I am implementing a suffix trie in C++. The implementation of the Trie contructor can be seen below.

#include <iostream>
#include <cstring>
#include "Trie.hpp"
using namespace std;

Trie::Trie(string T){   
    T += "#";                           //terminating character     
    this->T = T;

    nodes.reserve(T.length() * (T.length() + 1) / 2);   //The number of nodes is bounded above by n(n+1)/2. The reserve prevents reallocation (http://stackoverflow.com/questions/41557421/vectors-and-pointers/41557463) 

    vector<string> suffix;              //vector of suffixes
    for(unsigned int i = 0; i < T.length(); i++)
        suffix.push_back(T.substr(i, T.length()-i));

    //Create the Root, and start from it
    nodes.push_back(Node(""));          //root has blank label
    Node* currentNode = &nodes[0];

    //While there are words in the array of suffixes
    while(!suffix.empty()){

        //If the character under consideration already has an edge, then this will be its index. Otherwise, it's -1.
        int edgeIndex = currentNode->childLoc(suffix[0].at(0));     

        //If there is no such edge, add the rest of the word
        if(edgeIndex == -1){
            addWord(currentNode, suffix[0]);                //add rest of word
            suffix.erase(suffix.begin());                   //erase the suffix from the suffix vector
        }

        //if there is
        else{
            currentNode = (currentNode->getEdge(edgeIndex))->getTo();       //current Node is the next Node
            suffix[0] = suffix[0].substr(1, suffix[0].length());            //remove first character
        }           
    }   
}

//This function adds the rest of a word
void Trie::addWord(Node* parent, string word){  
    for(unsigned int i = 0; i < word.length(); i++){                //For each remaining letter
        nodes.push_back(Node(parent->getLabel()+word.at(i)));       //Add a node with label of parent + label of edge
        Edge e(word.at(i), parent, &nodes.back());                  //Create an edge joining the parent to the node we just added
        parent->addEdge(e);                                         //Join the two with this edge   
    }
}

I am using two data structures, Node and Edge which have some getters and setters and properties you would expect. The method childLoc() returns the location of an edge (if it exists) representing a given character.

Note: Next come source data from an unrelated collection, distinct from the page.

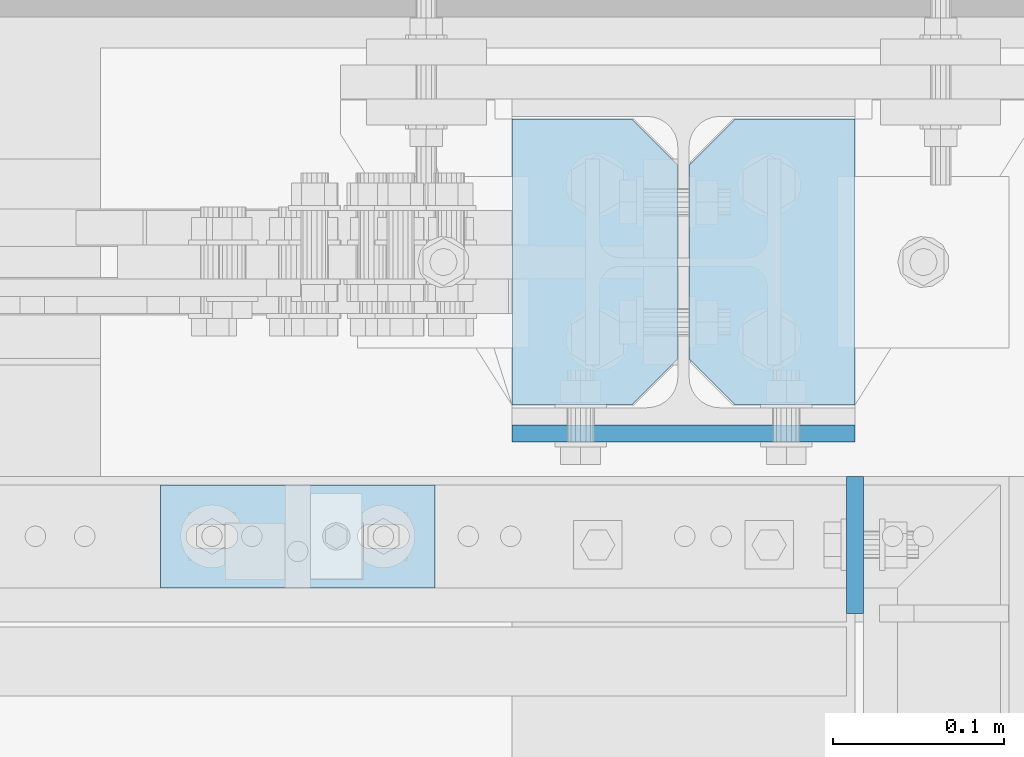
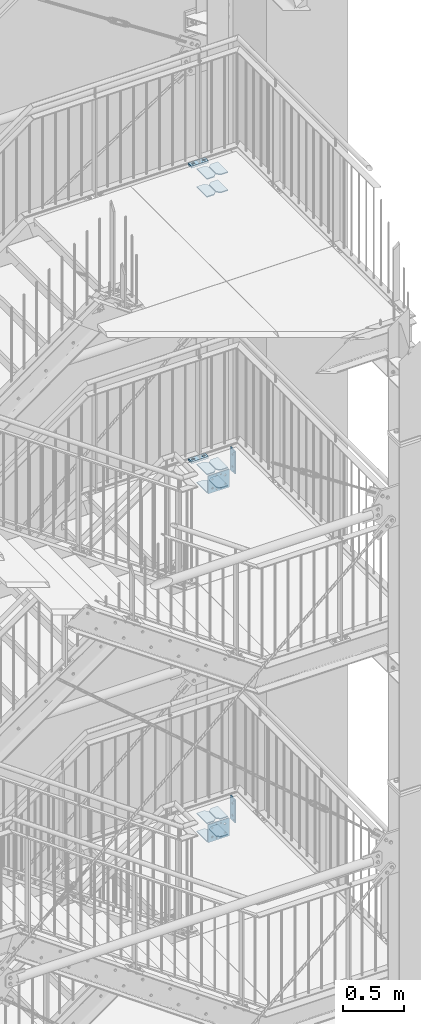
# One storey, part 219 of 831: 18 plates, 52 openings.
"""IFC2X3 building model written with IfcOpenShell, lengths in millimetres."""

from ifc_helpers import new_model, entity, si_unit, converted_unit, point, frame, frame_2d, origin, origin_with_axes, origin_2d_with_axis, place, context, project, spatial, polyline, circle_curve, line_curve, trimmed, segment, composite_curve, circle, outline, extrude, material, layer, layer_set, element, save


model = new_model("IFC2X3")

# Units and contexts
model_context = context("Model", 3, precision=1e-09, world=origin_with_axes())
ifc_project = project(units=[si_unit("LENGTHUNIT", "METRE", prefix="MILLI"), si_unit("AREAUNIT", "SQUARE_METRE"), si_unit("VOLUMEUNIT", "CUBIC_METRE"), converted_unit("PLANEANGLEUNIT", "DEGREE", entity("IfcPlaneAngleMeasure", 0.01745329), si_unit("PLANEANGLEUNIT", "RADIAN"), dimensions=[0, 0, 0, 0, 0, 0, 0])], contexts=[model_context])

# Site, building, storey
site_placement = place(None, origin_with_axes())
site = spatial("IfcSite", under=ifc_project, at=site_placement, Name="Site", CompositionType="ELEMENT")
building_placement = place(site_placement, origin_with_axes())
building = spatial("IfcBuilding", under=site, at=building_placement, Name="Struktur 1", CompositionType="ELEMENT")
storey_placement = place(building_placement, origin_with_axes())
storey = spatial("IfcBuildingStorey", under=building, at=storey_placement, Name="Default Storey", CompositionType="ELEMENT", Elevation=0.0)

# Plate, openings
ifc_material = material(Name="S235JR")
ifc_layer_1 = layer(ifc_material, 10.0)
ifc_layer_set_1 = layer_set([ifc_layer_1], Name="S235JR")
plate_1_placement = place(None, frame((8766.713402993, 7433.236971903, 8386.0), z_axis=(0.0, 0.0, 1.0), x_axis=(1.0, 0.0, 0.0)))
plate_1 = element("IfcPlate", 1, at=plate_1_placement, inside=storey, material=ifc_layer_set_1, Name="Stiffener#1", ObjectType="Stiffener#1", context=model_context, shape_type="SweptSolid", body=[
    extrude(outline(polyline([(0.0, 0.0), (96.75, 0.0), (96.75, 167.0), (0.0, 167.0), (0.0, 0.0)])), origin_with_axes(), (0.0, 0.0, 1.0), 10.0),
])
opening_1_placement = place(plate_1_placement, frame((0.0, 0.0, -0.01), z_axis=(0.0, 0.0, 1.0), x_axis=(1.0, 0.0, 0.0)))
element("IfcOpeningElement", 2, at=opening_1_placement, cuts=plate_1, ObjectType="Opening", context=model_context, shape_type="SweptSolid", body=[
    extrude(outline(polyline([(96.75, 167.0), (69.75, 167.0), (96.75, 140.0), (96.75, 167.0)])), origin(), (0.0, 0.0, 1.0), 10.02),
])
opening_2_placement = place(plate_1_placement, frame((0.0, 0.0, -0.01), z_axis=(0.0, 0.0, 1.0), x_axis=(1.0, 0.0, 0.0)))
element("IfcOpeningElement", 3, at=opening_2_placement, cuts=plate_1, ObjectType="Opening", context=model_context, shape_type="SweptSolid", body=[
    extrude(outline(polyline([(96.75, 0.0), (96.75, 27.0), (69.75, 0.0), (96.75, 0.0)])), origin(), (0.0, 0.0, 1.0), 10.02),
])

plate_2_placement = place(None, frame((8869.963402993, 7433.236971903, 8386.0), z_axis=(0.0, 0.0, 1.0), x_axis=(1.0, 0.0, 0.0)))
plate_2 = element("IfcPlate", 4, at=plate_2_placement, inside=storey, material=ifc_layer_set_1, Name="Stiffener#2", ObjectType="Stiffener#2", context=model_context, shape_type="SweptSolid", body=[
    extrude(outline(polyline([(0.0, 0.0), (96.75, 0.0), (96.75, 167.0), (0.0, 167.0), (0.0, 0.0)])), origin_with_axes(), (0.0, 0.0, 1.0), 10.0),
])
opening_3_placement = place(plate_2_placement, frame((0.0, 0.0, -0.01), z_axis=(0.0, 0.0, 1.0), x_axis=(1.0, 0.0, 0.0)))
element("IfcOpeningElement", 5, at=opening_3_placement, cuts=plate_2, ObjectType="Opening", context=model_context, shape_type="SweptSolid", body=[
    extrude(outline(polyline([(0.0, 167.0), (0.0, 140.0), (27.0, 167.0), (0.0, 167.0)])), origin(), (0.0, 0.0, 1.0), 10.02),
])
opening_4_placement = place(plate_2_placement, frame((0.0, 0.0, -0.01), z_axis=(0.0, 0.0, 1.0), x_axis=(1.0, 0.0, 0.0)))
element("IfcOpeningElement", 6, at=opening_4_placement, cuts=plate_2, ObjectType="Opening", context=model_context, shape_type="SweptSolid", body=[
    extrude(outline(polyline([(0.0, 0.0), (27.0, 0.0), (0.0, 27.0), (0.0, 0.0)])), origin(), (0.0, 0.0, 1.0), 10.02),
])

plate_3_placement = place(None, frame((8863.463402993, 7433.236971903, 8216.0), z_axis=(0.0, 0.0, -1.0), x_axis=(-1.0, 0.0, 0.0)))
plate_3 = element("IfcPlate", 7, at=plate_3_placement, inside=storey, material=ifc_layer_set_1, Name="Stiffener#3", ObjectType="Stiffener#3", context=model_context, shape_type="SweptSolid", body=[
    extrude(outline(polyline([(0.0, 0.0), (96.75, 0.0), (96.75, 167.0), (0.0, 167.0), (0.0, 0.0)])), origin_with_axes(), (0.0, 0.0, 1.0), 10.0),
])
opening_5_placement = place(plate_3_placement, frame((0.0, 0.0, -0.01), z_axis=(0.0, 0.0, 1.0), x_axis=(1.0, 0.0, 0.0)))
element("IfcOpeningElement", 8, at=opening_5_placement, cuts=plate_3, ObjectType="Opening", context=model_context, shape_type="SweptSolid", body=[
    extrude(outline(polyline([(0.0, 167.0), (0.0, 140.0), (27.0, 167.0), (0.0, 167.0)])), origin(), (0.0, 0.0, 1.0), 10.02),
])
opening_6_placement = place(plate_3_placement, frame((0.0, 0.0, -0.01), z_axis=(0.0, 0.0, 1.0), x_axis=(1.0, 0.0, 0.0)))
element("IfcOpeningElement", 9, at=opening_6_placement, cuts=plate_3, ObjectType="Opening", context=model_context, shape_type="SweptSolid", body=[
    extrude(outline(polyline([(0.0, 0.0), (27.0, 0.0), (0.0, 27.0), (0.0, 0.0)])), origin(), (0.0, 0.0, 1.0), 10.02),
])

plate_4_placement = place(None, frame((8966.713402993, 7433.236971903, 8216.0), z_axis=(0.0, 0.0, -1.0), x_axis=(-1.0, 0.0, 0.0)))
plate_4 = element("IfcPlate", 10, at=plate_4_placement, inside=storey, material=ifc_layer_set_1, Name="Stiffener#4", ObjectType="Stiffener#4", context=model_context, shape_type="SweptSolid", body=[
    extrude(outline(polyline([(0.0, 0.0), (96.75, 0.0), (96.75, 167.0), (0.0, 167.0), (0.0, 0.0)])), origin_with_axes(), (0.0, 0.0, 1.0), 10.0),
])
opening_7_placement = place(plate_4_placement, frame((0.0, 0.0, -0.01), z_axis=(0.0, 0.0, 1.0), x_axis=(1.0, 0.0, 0.0)))
element("IfcOpeningElement", 11, at=opening_7_placement, cuts=plate_4, ObjectType="Opening", context=model_context, shape_type="SweptSolid", body=[
    extrude(outline(polyline([(96.75, 167.0), (69.75, 167.0), (96.75, 140.0), (96.75, 167.0)])), origin(), (0.0, 0.0, 1.0), 10.02),
])
opening_8_placement = place(plate_4_placement, frame((0.0, 0.0, -0.01), z_axis=(0.0, 0.0, 1.0), x_axis=(1.0, 0.0, 0.0)))
element("IfcOpeningElement", 12, at=opening_8_placement, cuts=plate_4, ObjectType="Opening", context=model_context, shape_type="SweptSolid", body=[
    extrude(outline(polyline([(96.75, 0.0), (96.75, 27.0), (69.75, 0.0), (96.75, 0.0)])), origin(), (0.0, 0.0, 1.0), 10.02),
])

plate_5_placement = place(None, frame((8866.713402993, 7411.736971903, 5339.8947367), z_axis=(0.0, 1.0, 0.0), x_axis=(0.0, 0.0, -1.0)))
plate_5 = element("IfcPlate", 13, at=plate_5_placement, inside=storey, material=ifc_layer_set_1, Name="Endplate", ObjectType="Endplate", context=model_context, shape_type="SweptSolid", body=[
    extrude(outline(polyline([(-90.0, -100.0), (90.0, -100.0), (90.0, 100.0), (-90.0, 100.0), (-90.0, -100.0)])), origin_with_axes(), (0.0, 0.0, 1.0), 10.0),
])
opening_9_placement = place(plate_5_placement, frame((-67.0, 21.25, 10.5), z_axis=(0.0, 0.0, -1.0), x_axis=(-1.0, 0.0, 0.0)))
element("IfcOpeningElement", 14, at=opening_9_placement, cuts=plate_5, ObjectType="Opening", context=model_context, shape_type="SweptSolid", body=[
    extrude(circle(Radius=6.001, at=origin_2d_with_axis()), origin(), (0.0, 0.0, 1.0), 11.0),
])
opening_10_placement = place(plate_5_placement, frame((67.0, 21.25, 10.5), z_axis=(0.0, 0.0, -1.0), x_axis=(-1.0, 0.0, 0.0)))
element("IfcOpeningElement", 15, at=opening_10_placement, cuts=plate_5, ObjectType="Opening", context=model_context, shape_type="SweptSolid", body=[
    extrude(circle(Radius=6.001, at=origin_2d_with_axis()), origin(), (0.0, 0.0, 1.0), 11.0),
])
opening_11_placement = place(plate_5_placement, frame((67.0, -21.25, 10.5), z_axis=(0.0, 0.0, -1.0), x_axis=(-1.0, 0.0, 0.0)))
element("IfcOpeningElement", 16, at=opening_11_placement, cuts=plate_5, ObjectType="Opening", context=model_context, shape_type="SweptSolid", body=[
    extrude(circle(Radius=6.001, at=origin_2d_with_axis()), origin(), (0.0, 0.0, 1.0), 11.0),
])
opening_12_placement = place(plate_5_placement, frame((-67.0, -21.25, 10.5), z_axis=(0.0, 0.0, -1.0), x_axis=(-1.0, 0.0, 0.0)))
element("IfcOpeningElement", 17, at=opening_12_placement, cuts=plate_5, ObjectType="Opening", context=model_context, shape_type="SweptSolid", body=[
    extrude(circle(Radius=6.001, at=origin_2d_with_axis()), origin(), (0.0, 0.0, 1.0), 11.0),
])
opening_13_placement = place(plate_5_placement, frame((45.0, 60.0, 10.5), z_axis=(0.0, 0.0, -1.0), x_axis=(0.0, 1.0, 0.0)))
element("IfcOpeningElement", 18, at=opening_13_placement, cuts=plate_5, ObjectType="Opening", context=model_context, shape_type="SweptSolid", body=[
    extrude(circle(Radius=9.001, at=origin_2d_with_axis()), origin(), (0.0, 0.0, 1.0), 11.0),
])
opening_14_placement = place(plate_5_placement, frame((-45.0, -60.0, 10.5), z_axis=(0.0, 0.0, -1.0), x_axis=(0.0, -1.0, 0.0)))
element("IfcOpeningElement", 19, at=opening_14_placement, cuts=plate_5, ObjectType="Opening", context=model_context, shape_type="SweptSolid", body=[
    extrude(circle(Radius=9.001, at=origin_2d_with_axis()), origin(), (0.0, 0.0, 1.0), 11.0),
])
opening_15_placement = place(plate_5_placement, frame((-45.0, 60.0, 10.5), z_axis=(0.0, 0.0, -1.0), x_axis=(0.0, 1.0, 0.0)))
element("IfcOpeningElement", 20, at=opening_15_placement, cuts=plate_5, ObjectType="Opening", context=model_context, shape_type="SweptSolid", body=[
    extrude(circle(Radius=9.001, at=origin_2d_with_axis()), origin(), (0.0, 0.0, 1.0), 11.0),
])
opening_16_placement = place(plate_5_placement, frame((45.0, -60.0, 10.5), z_axis=(0.0, 0.0, -1.0), x_axis=(0.0, -1.0, 0.0)))
element("IfcOpeningElement", 21, at=opening_16_placement, cuts=plate_5, ObjectType="Opening", context=model_context, shape_type="SweptSolid", body=[
    extrude(circle(Radius=9.001, at=origin_2d_with_axis()), origin(), (0.0, 0.0, 1.0), 11.0),
])

plate_6_placement = place(None, frame((8766.713402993, 7433.236971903, 5424.8947367), z_axis=(0.0, 0.0, 1.0), x_axis=(1.0, 0.0, 0.0)))
plate_6 = element("IfcPlate", 22, at=plate_6_placement, inside=storey, material=ifc_layer_set_1, Name="Stiffener#1", ObjectType="Stiffener#1", context=model_context, shape_type="SweptSolid", body=[
    extrude(outline(polyline([(0.0, 0.0), (96.75, 0.0), (96.75, 167.0), (0.0, 167.0), (0.0, 0.0)])), origin_with_axes(), (0.0, 0.0, 1.0), 10.0),
])
opening_17_placement = place(plate_6_placement, frame((0.0, 0.0, -0.01), z_axis=(0.0, 0.0, 1.0), x_axis=(1.0, 0.0, 0.0)))
element("IfcOpeningElement", 23, at=opening_17_placement, cuts=plate_6, ObjectType="Opening", context=model_context, shape_type="SweptSolid", body=[
    extrude(outline(polyline([(96.75, 167.0), (69.75, 167.0), (96.75, 140.0), (96.75, 167.0)])), origin(), (0.0, 0.0, 1.0), 10.02),
])
opening_18_placement = place(plate_6_placement, frame((0.0, 0.0, -0.01), z_axis=(0.0, 0.0, 1.0), x_axis=(1.0, 0.0, 0.0)))
element("IfcOpeningElement", 24, at=opening_18_placement, cuts=plate_6, ObjectType="Opening", context=model_context, shape_type="SweptSolid", body=[
    extrude(outline(polyline([(96.75, 0.0), (96.75, 27.0), (69.75, 0.0), (96.75, 0.0)])), origin(), (0.0, 0.0, 1.0), 10.02),
])

plate_7_placement = place(None, frame((8869.963402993, 7433.236971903, 5424.8947367), z_axis=(0.0, 0.0, 1.0), x_axis=(1.0, 0.0, 0.0)))
plate_7 = element("IfcPlate", 25, at=plate_7_placement, inside=storey, material=ifc_layer_set_1, Name="Stiffener#2", ObjectType="Stiffener#2", context=model_context, shape_type="SweptSolid", body=[
    extrude(outline(polyline([(0.0, 0.0), (96.75, 0.0), (96.75, 167.0), (0.0, 167.0), (0.0, 0.0)])), origin_with_axes(), (0.0, 0.0, 1.0), 10.0),
])
opening_19_placement = place(plate_7_placement, frame((0.0, 0.0, -0.01), z_axis=(0.0, 0.0, 1.0), x_axis=(1.0, 0.0, 0.0)))
element("IfcOpeningElement", 26, at=opening_19_placement, cuts=plate_7, ObjectType="Opening", context=model_context, shape_type="SweptSolid", body=[
    extrude(outline(polyline([(0.0, 167.0), (0.0, 140.0), (27.0, 167.0), (0.0, 167.0)])), origin(), (0.0, 0.0, 1.0), 10.02),
])
opening_20_placement = place(plate_7_placement, frame((0.0, 0.0, -0.01), z_axis=(0.0, 0.0, 1.0), x_axis=(1.0, 0.0, 0.0)))
element("IfcOpeningElement", 27, at=opening_20_placement, cuts=plate_7, ObjectType="Opening", context=model_context, shape_type="SweptSolid", body=[
    extrude(outline(polyline([(0.0, 0.0), (27.0, 0.0), (0.0, 27.0), (0.0, 0.0)])), origin(), (0.0, 0.0, 1.0), 10.02),
])

plate_8_placement = place(None, frame((8863.463402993, 7433.236971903, 5254.8947367), z_axis=(0.0, 0.0, -1.0), x_axis=(-1.0, 0.0, 0.0)))
plate_8 = element("IfcPlate", 28, at=plate_8_placement, inside=storey, material=ifc_layer_set_1, Name="Stiffener#3", ObjectType="Stiffener#3", context=model_context, shape_type="SweptSolid", body=[
    extrude(outline(polyline([(0.0, 0.0), (96.75, 0.0), (96.75, 167.0), (0.0, 167.0), (0.0, 0.0)])), origin_with_axes(), (0.0, 0.0, 1.0), 10.0),
])
opening_21_placement = place(plate_8_placement, frame((0.0, 0.0, -0.01), z_axis=(0.0, 0.0, 1.0), x_axis=(1.0, 0.0, 0.0)))
element("IfcOpeningElement", 29, at=opening_21_placement, cuts=plate_8, ObjectType="Opening", context=model_context, shape_type="SweptSolid", body=[
    extrude(outline(polyline([(0.0, 167.0), (0.0, 140.0), (27.0, 167.0), (0.0, 167.0)])), origin(), (0.0, 0.0, 1.0), 10.02),
])
opening_22_placement = place(plate_8_placement, frame((0.0, 0.0, -0.01), z_axis=(0.0, 0.0, 1.0), x_axis=(1.0, 0.0, 0.0)))
element("IfcOpeningElement", 30, at=opening_22_placement, cuts=plate_8, ObjectType="Opening", context=model_context, shape_type="SweptSolid", body=[
    extrude(outline(polyline([(0.0, 0.0), (27.0, 0.0), (0.0, 27.0), (0.0, 0.0)])), origin(), (0.0, 0.0, 1.0), 10.02),
])

plate_9_placement = place(None, frame((8966.713402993, 7433.236971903, 5254.8947367), z_axis=(0.0, 0.0, -1.0), x_axis=(-1.0, 0.0, 0.0)))
plate_9 = element("IfcPlate", 31, at=plate_9_placement, inside=storey, material=ifc_layer_set_1, Name="Stiffener#4", ObjectType="Stiffener#4", context=model_context, shape_type="SweptSolid", body=[
    extrude(outline(polyline([(0.0, 0.0), (96.75, 0.0), (96.75, 167.0), (0.0, 167.0), (0.0, 0.0)])), origin_with_axes(), (0.0, 0.0, 1.0), 10.0),
])
opening_23_placement = place(plate_9_placement, frame((0.0, 0.0, -0.01), z_axis=(0.0, 0.0, 1.0), x_axis=(1.0, 0.0, 0.0)))
element("IfcOpeningElement", 32, at=opening_23_placement, cuts=plate_9, ObjectType="Opening", context=model_context, shape_type="SweptSolid", body=[
    extrude(outline(polyline([(96.75, 167.0), (69.75, 167.0), (96.75, 140.0), (96.75, 167.0)])), origin(), (0.0, 0.0, 1.0), 10.02),
])
opening_24_placement = place(plate_9_placement, frame((0.0, 0.0, -0.01), z_axis=(0.0, 0.0, 1.0), x_axis=(1.0, 0.0, 0.0)))
element("IfcOpeningElement", 33, at=opening_24_placement, cuts=plate_9, ObjectType="Opening", context=model_context, shape_type="SweptSolid", body=[
    extrude(outline(polyline([(96.75, 0.0), (96.75, 27.0), (69.75, 0.0), (96.75, 0.0)])), origin(), (0.0, 0.0, 1.0), 10.02),
])

plate_10_placement = place(None, frame((8866.713402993, 7411.736971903, 1846.0526312), z_axis=(0.0, 1.0, 0.0), x_axis=(0.0, 0.0, -1.0)))
plate_10 = element("IfcPlate", 34, at=plate_10_placement, inside=storey, material=ifc_layer_set_1, Name="Endplate", ObjectType="Endplate", context=model_context, shape_type="SweptSolid", body=[
    extrude(outline(polyline([(-90.0, -100.0), (90.0, -100.0), (90.0, 100.0), (-90.0, 100.0), (-90.0, -100.0)])), origin_with_axes(), (0.0, 0.0, 1.0), 10.0),
])
opening_25_placement = place(plate_10_placement, frame((-67.0, 21.25, 10.5), z_axis=(0.0, 0.0, -1.0), x_axis=(-1.0, 0.0, 0.0)))
element("IfcOpeningElement", 35, at=opening_25_placement, cuts=plate_10, ObjectType="Opening", context=model_context, shape_type="SweptSolid", body=[
    extrude(circle(Radius=6.001, at=origin_2d_with_axis()), origin(), (0.0, 0.0, 1.0), 11.0),
])
opening_26_placement = place(plate_10_placement, frame((67.0, 21.25, 10.5), z_axis=(0.0, 0.0, -1.0), x_axis=(-1.0, 0.0, 0.0)))
element("IfcOpeningElement", 36, at=opening_26_placement, cuts=plate_10, ObjectType="Opening", context=model_context, shape_type="SweptSolid", body=[
    extrude(circle(Radius=6.001, at=origin_2d_with_axis()), origin(), (0.0, 0.0, 1.0), 11.0),
])
opening_27_placement = place(plate_10_placement, frame((67.0, -21.25, 10.5), z_axis=(0.0, 0.0, -1.0), x_axis=(-1.0, 0.0, 0.0)))
element("IfcOpeningElement", 37, at=opening_27_placement, cuts=plate_10, ObjectType="Opening", context=model_context, shape_type="SweptSolid", body=[
    extrude(circle(Radius=6.001, at=origin_2d_with_axis()), origin(), (0.0, 0.0, 1.0), 11.0),
])
opening_28_placement = place(plate_10_placement, frame((-67.0, -21.25, 10.5), z_axis=(0.0, 0.0, -1.0), x_axis=(-1.0, 0.0, 0.0)))
element("IfcOpeningElement", 38, at=opening_28_placement, cuts=plate_10, ObjectType="Opening", context=model_context, shape_type="SweptSolid", body=[
    extrude(circle(Radius=6.001, at=origin_2d_with_axis()), origin(), (0.0, 0.0, 1.0), 11.0),
])
opening_29_placement = place(plate_10_placement, frame((-45.0, 60.0, 10.5), z_axis=(0.0, 0.0, -1.0), x_axis=(0.0, 1.0, 0.0)))
element("IfcOpeningElement", 39, at=opening_29_placement, cuts=plate_10, ObjectType="Opening", context=model_context, shape_type="SweptSolid", body=[
    extrude(circle(Radius=9.001, at=origin_2d_with_axis()), origin(), (0.0, 0.0, 1.0), 11.0),
])
opening_30_placement = place(plate_10_placement, frame((-45.0, -60.0, 10.5), z_axis=(0.0, 0.0, -1.0), x_axis=(0.0, -1.0, 0.0)))
element("IfcOpeningElement", 40, at=opening_30_placement, cuts=plate_10, ObjectType="Opening", context=model_context, shape_type="SweptSolid", body=[
    extrude(circle(Radius=9.001, at=origin_2d_with_axis()), origin(), (0.0, 0.0, 1.0), 11.0),
])
opening_31_placement = place(plate_10_placement, frame((45.0, -60.0, 10.5), z_axis=(0.0, 0.0, -1.0), x_axis=(0.0, -1.0, 0.0)))
element("IfcOpeningElement", 41, at=opening_31_placement, cuts=plate_10, ObjectType="Opening", context=model_context, shape_type="SweptSolid", body=[
    extrude(circle(Radius=9.001, at=origin_2d_with_axis()), origin(), (0.0, 0.0, 1.0), 11.0),
])
opening_32_placement = place(plate_10_placement, frame((45.0, 60.0, 10.5), z_axis=(0.0, 0.0, -1.0), x_axis=(0.0, 1.0, 0.0)))
element("IfcOpeningElement", 42, at=opening_32_placement, cuts=plate_10, ObjectType="Opening", context=model_context, shape_type="SweptSolid", body=[
    extrude(circle(Radius=9.001, at=origin_2d_with_axis()), origin(), (0.0, 0.0, 1.0), 11.0),
])

plate_11_placement = place(None, frame((8766.713402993, 7433.236971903, 1931.0526312), z_axis=(0.0, 0.0, 1.0), x_axis=(1.0, 0.0, 0.0)))
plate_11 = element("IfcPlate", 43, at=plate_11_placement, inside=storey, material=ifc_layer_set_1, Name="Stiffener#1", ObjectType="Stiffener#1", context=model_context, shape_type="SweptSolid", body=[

The code compiles just fine, but for some reason I get this error at runtime:

terminate called after throwing an instance of 'std::out_of_range'
  what():  basic_string::at: __n (which is 0) >= this->size() (which is 0)
Aborted (core dumped)

I've been told that this error means I am accessing the first character of an empty string, but I can't see where this is happening in the code.

回答1:

I see two code parts that are potentially responsible for std::out_of_range:

First: The following expression might access an empty string at position 0. This might happen as (as shown in the second part), you shrink strings contained in the suffix-vector:

int edgeIndex = currentNode->childLoc(suffix[0].at(0));

Second, you operate on the entries in suffix-vector with the risk that the strings are to short:

suffix[0] = suffix[0].substr(1, suffix[0].length()); 

Operation substr will also yield std::out_of_range if first operand (i.e. pos-argument) exceeds the array length (cf. string::substr):

pos: Position of the first character to be copied as a substring. If this is equal to the string length, the function returns an empty string. If this is greater than the string length, it throws out_of_range. Note: The first character is denoted by a value of 0 (not 1).

For finding out which of these expressions is actually responsible for the exception, I'd suggest to consult your debugger :-)